Damals wie heute muss die feministische Bewegung den Kampf gegen häusliche Gewalt (an)führen
Die Sparpolitik des Bundes setzt immer bei Sozialprogrammen an und reagiert wird oft erst aufgrund feministischer Interventionen und von Druck aus der Bevölkerung. Dies zeigt das Beispiel der Nottelefone. Erst durch die Intervention des Tessiner Kollektivs Non una di meno wurde der Aufbau der staatlich geförderten Beratungshotline angegangen. Aktuell gibt es nur das von Aktivist:innen betriebene «Telefon gegen Gewalt (TGG)».
Wie das Zürcher Kollektiv Ni una menos feststellt: Ein Angriff auf eine* ist ein Angriff auf alle!
Die viel zu langsame und ungenügende Umsetzung der Aktionspläne (gerade im Fall der Istanbul-Konvention), die Ausblendung der strukturellen Dimension der Gewalt und der Mangel an Mitteln und Personal: All dies führt dazu, dass FLINTA weiterhin patriarchaler Gewalt ausgesetzt sind. Darum ist es nötig, jeden Feminizid, jede physische und psychische Gewalt öffentlich anzuprangern, für ein gesellschaftliches Umdenken zu kämpfen und politisch zu handeln. Jedes wirksame Gesetz ist eine Verbesserung für FLINTA, jedoch dürfen wir nicht aus den Augen verlieren, dass die wirkliche Befreiung nicht von Parlament und Staat kommen und darüber hinausgehen.
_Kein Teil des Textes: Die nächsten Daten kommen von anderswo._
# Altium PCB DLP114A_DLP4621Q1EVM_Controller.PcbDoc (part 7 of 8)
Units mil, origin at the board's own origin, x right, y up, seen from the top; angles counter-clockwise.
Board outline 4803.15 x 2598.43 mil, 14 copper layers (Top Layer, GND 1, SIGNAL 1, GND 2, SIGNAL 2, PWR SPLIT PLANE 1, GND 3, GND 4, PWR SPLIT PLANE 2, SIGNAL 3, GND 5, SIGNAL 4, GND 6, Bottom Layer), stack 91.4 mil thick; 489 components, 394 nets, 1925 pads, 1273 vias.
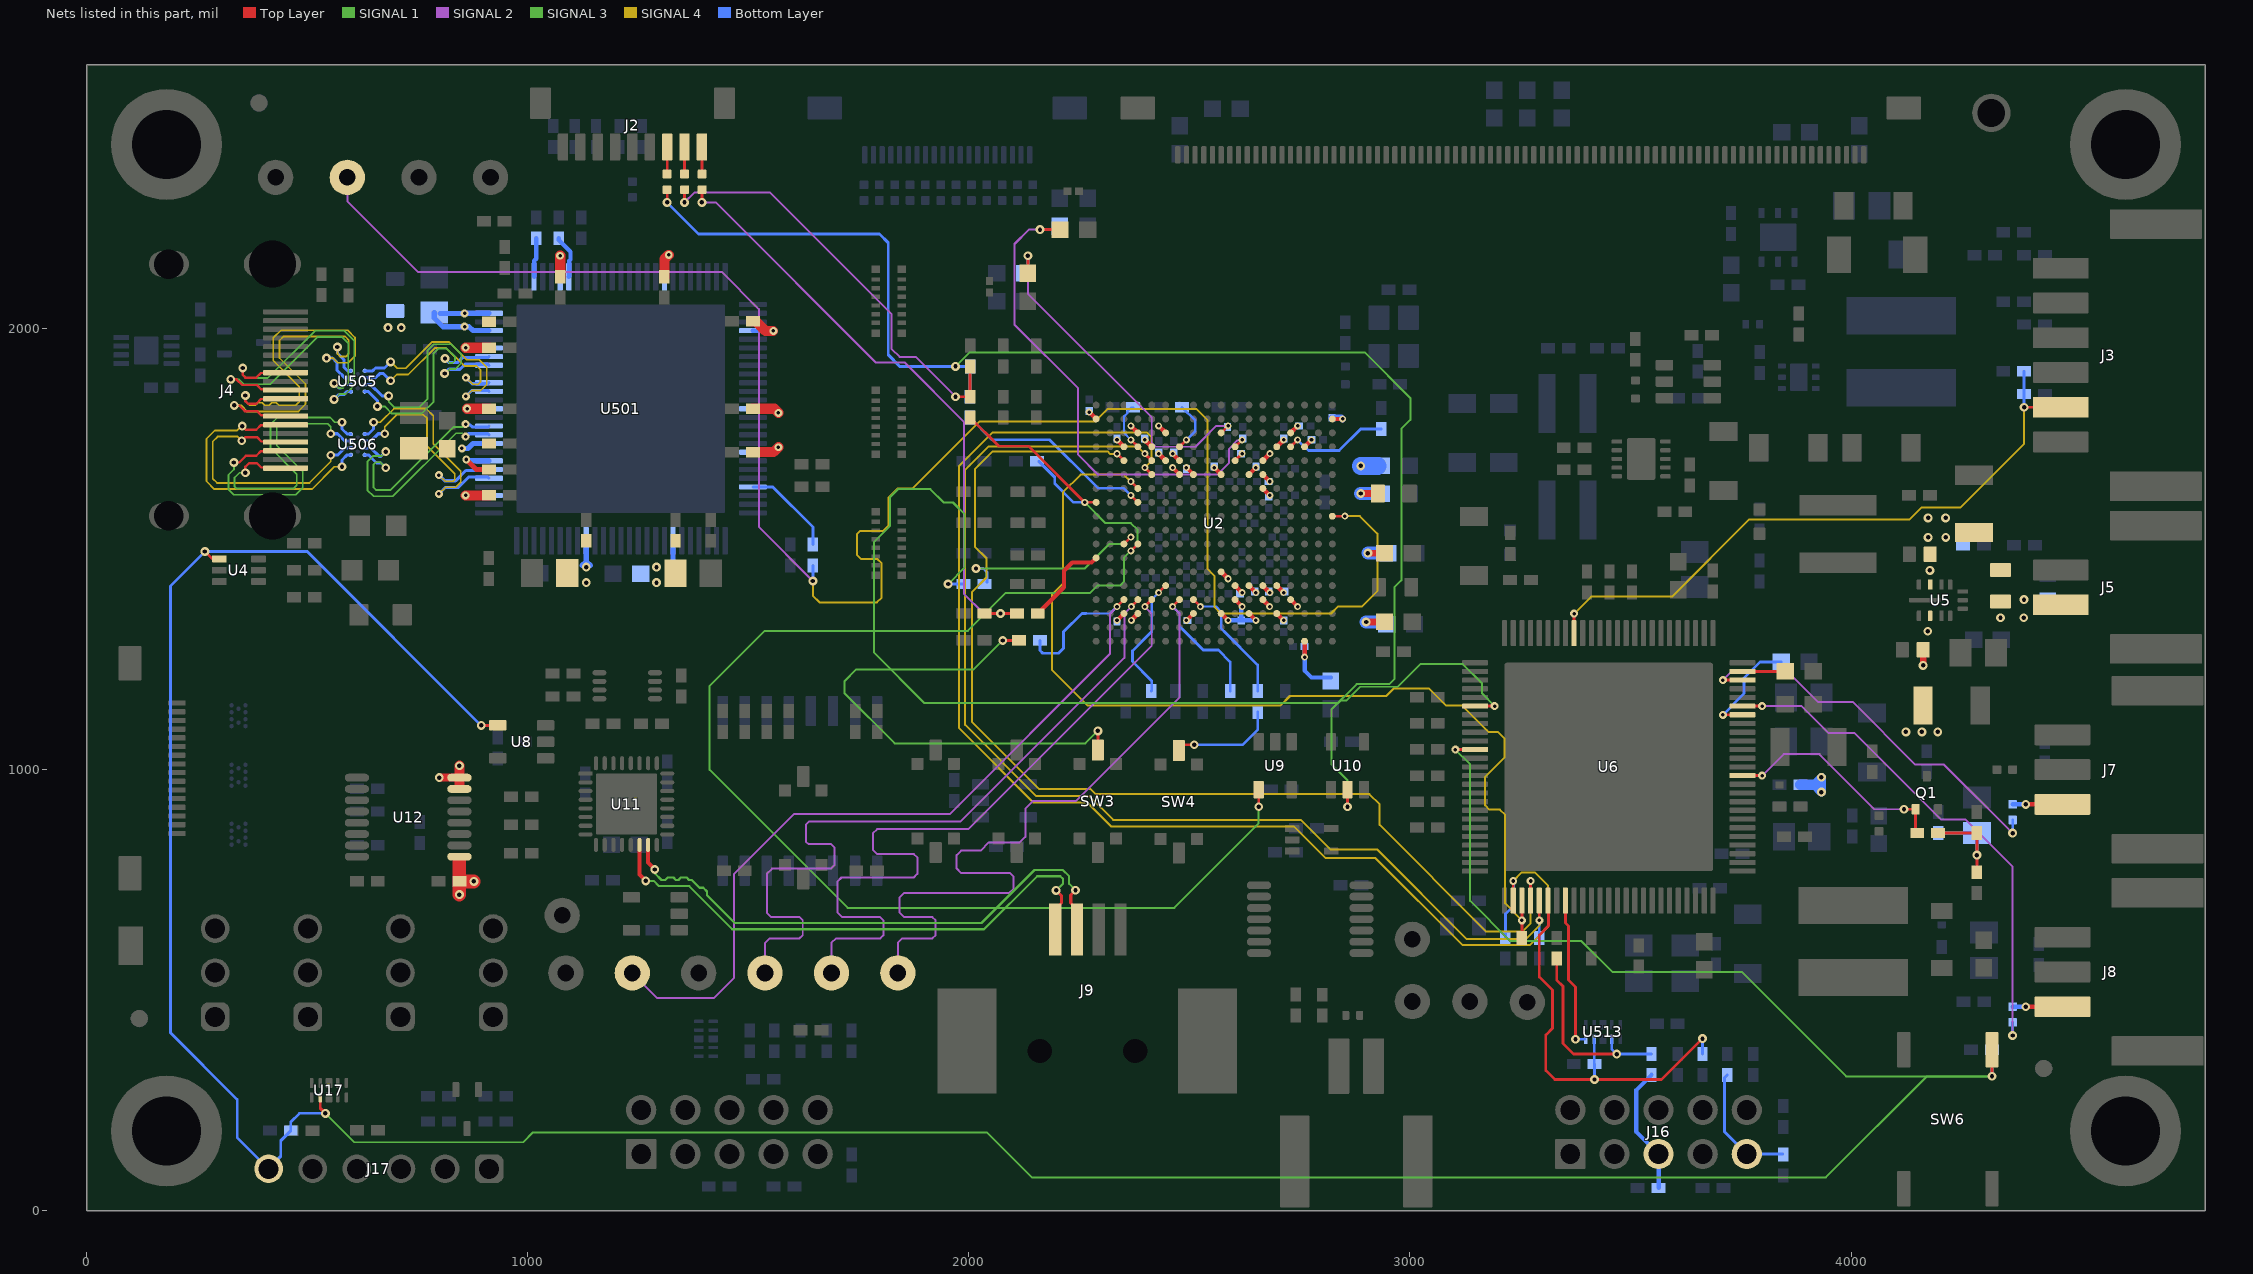
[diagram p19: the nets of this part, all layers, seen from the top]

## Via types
v1: diameter 20, hole 10, Top Layer to Bottom Layer, tented top, 716 vias
v2: diameter 16, hole 8, Top Layer to Bottom Layer, 234 vias
v3: diameter 19.68, hole 7.87, Top Layer to Bottom Layer, 170 vias
v4: diameter 18, hole 8, Top Layer to Bottom Layer, tented top, 78 vias
v5: diameter 18, hole 8, Top Layer to Bottom Layer, tented bottom, 51 vias
v6: diameter 39.37, hole 19.68, Top Layer to Bottom Layer, 24 vias

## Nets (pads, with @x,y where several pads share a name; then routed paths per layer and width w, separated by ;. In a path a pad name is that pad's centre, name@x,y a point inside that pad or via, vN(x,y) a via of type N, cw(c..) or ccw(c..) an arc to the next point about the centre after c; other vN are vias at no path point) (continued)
PMIC_SPI2_CSZ0: U6.33 U513.5 | length 344.7
  Top Layer w6.3: U6.33@3352.25,703.17 3352.25,652.44 3359.35,645.34 3359.35,523 3375.12,507.23 v1(3375.12,388.98)
  Bottom Layer w6.3: v1(3375.12,388.98) U513.5@3396.16,388.98
PMIC_SPI2_CSZ_S: C624.1 J16.9 R588.1 | length 284.7
  Bottom Layer w6.3: R588.1@3719.2,308.17 3712.85,301.82 3712.85,179.37 J16.9@3763.48,128.74 C624.1@3845.19,128.74
PMIC_SPI2_PICO: R589.2 R591.2 U6.31 U513.4 | length 941.5
  Top Layer w6.3: U6.31@3312.88,703.17 3313.78,702.26 3313.78,667.57 3314.07,667.29 3314.07,646.18 3293.19,625.31 3293.19,530.39 3323.18,500.4 3323.18,413.85 3307.98,398.66 3307.98,318.07 3328.33,297.72 v1(3418.39,297.72) 3570.45,297.72 v1(3663.2,390.47)
  Bottom Layer w6.3: U513.4@3417.86,388.98 3417.86,369.98 3417.86,333.3 R591.2@3418.39,332.78 v1(3418.39,297.72) ; R589.2@3663.2,355.41 v1(3663.2,390.47)
PMIC_SPI2_POCI: R62.1 R587.2 U513.2 | length 447.4
  Top Layer w6.3: R62.1@3332.56,571.67 3332.56,523.2 3346.58,509.18 3346.58,379.28 3370.44,355.42 v1(3468.88,355.42)
  Bottom Layer w6.3: U513.2@3457.23,388.98 3457.23,367.07 v1(3468.88,355.42) R587.2@3547.48,355.42
PMIC_SPI2_POCI_S: C628.1 J16.5 R587.1 | length 291.1
  Bottom Layer w10: R587.1@3547.48,308.17 3513.29,273.98 3513.29,178.93 J16.5@3563.48,128.74 C628.1@3563.48,52.01
PMIC_SPI_CLK: R575.2 U2.F5 U6.27 | length 3093.6
  Top Layer w6.3: v2(2398.81,1684.87) U2.F5@2414.56,1669.12 ; U6.27@3234.14,703.17 v4(3234.14,747.7)
  SIGNAL 4 w4.5: v2(2398.81,1684.87) 2414.56,1700.62 2414.56,1753.68 2404.27,1763.97 2053.39,1763.97 1978.03,1688.61 1978.03,1094.02 2146.35,925.71 2268.64,925.71 2323.34,871.01 2737.3,871.01 2808.62,799.69 2921.85,799.69 3119.2,602.34 3271.15,602.34 3313.41,644.59 3313.41,736.48 3282.72,767.17 3253.61,767.17 v4(3234.14,747.7)
  Bottom Layer w6.3: R575.2@3216.44,618.91 3216.44,673.27 3234.53,691.36 3234.53,747.3 v4(3234.14,747.7)
PMIC_SPI_CSZ0: R61.2 U2.G4 U6.28 | length 2297.4
  Top Layer w6.3: v2(2367.31,1653.38) U2.G4@2383.06,1637.63 ; R61.2@3253.82,618.91 v4(3253.82,658.64) U6.28@3253.82,703.17
  SIGNAL 4 w4.5: v2(2367.31,1653.38) 2351.55,1669.14 2253.45,1669.14 2213.22,1628.91 2213.22,1421.85 2188.15,1396.78 2188.15,1227.05 2269.71,1145.49 2706.38,1145.49 2727.98,1167.09 2945.74,1167.09 2962.6,1183.95 3043.48,1183.95 3082.07,1145.35 3118.22,1145.35 3178.36,1085.22 3199.78,1085.22 3213.78,1071.21 3213.78,1027.3 3170.14,983.66 3170.14,919.07 3179.75,909.45 3203.57,909.45 3215.56,897.47 3215.56,696.9 v4(3253.82,658.64)
PMIC_SPI_PICO: R574.2 U2.E5 U6.30 | length 2647.3
  Top Layer w6.3: v2(2398.81,1716.37) U2.E5@2414.56,1700.62 ; v4(3293.19,658.64) U6.30@3293.19,703.17
  SIGNAL 4 w4.5: v2(2398.81,1716.37) 2382.76,1732.42 2044.37,1732.42 1991.58,1679.63 1991.58,1101.7 2152.99,940.29 2273.36,940.29 2327.16,886.49 2752.05,886.49 2819.33,819.22 2925.23,819.22 3127.87,616.58 3263.22,616.58 3293.19,646.55 v4(3293.19,658.64)
  Bottom Layer w6.3: R574.2@3293.19,618.91 v4(3293.19,658.64)
PMIC_SPI_POCI: U2.E3 U6.29 | length 2598.8
  Top Layer w6.3: v2@2335.89,1716.23 U2.E3@2351.5,1700.62 ; U6.29@3273.51,703.17 v4(3273.51,747.7)
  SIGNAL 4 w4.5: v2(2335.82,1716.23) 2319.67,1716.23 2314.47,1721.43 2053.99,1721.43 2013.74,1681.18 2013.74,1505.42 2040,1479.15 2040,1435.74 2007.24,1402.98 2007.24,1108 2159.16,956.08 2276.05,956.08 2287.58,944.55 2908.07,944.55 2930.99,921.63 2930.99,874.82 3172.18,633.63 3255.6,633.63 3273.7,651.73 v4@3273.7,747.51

Das Patriarchat vereinzelt uns in unseren Erfahrungen. Um aus diesem Käfig auszubrechen, müssen wir uns zusammentun. Wie das Zürcher Kollektiv Ni una menos feststellt: Ein Angriff auf eine* ist ein Angriff auf alle! Deshalb ruft Ni Una Menos donnerstags nach jedem Feminizid zu einer Protestkundgebung auf dem Ni-una-menos-Platz (Helvetiaplatz) auf. Kommt an diese Kundgebungen!
Gemeinsam müssen wir uns zur Wehr setzen und unsere Wut auf die Strasse tragen: Auf zum feministischen Streik am 14. Juni 2023!
[1] Siehe: Bundesamt für Statistik, Stand: 23. April 2023.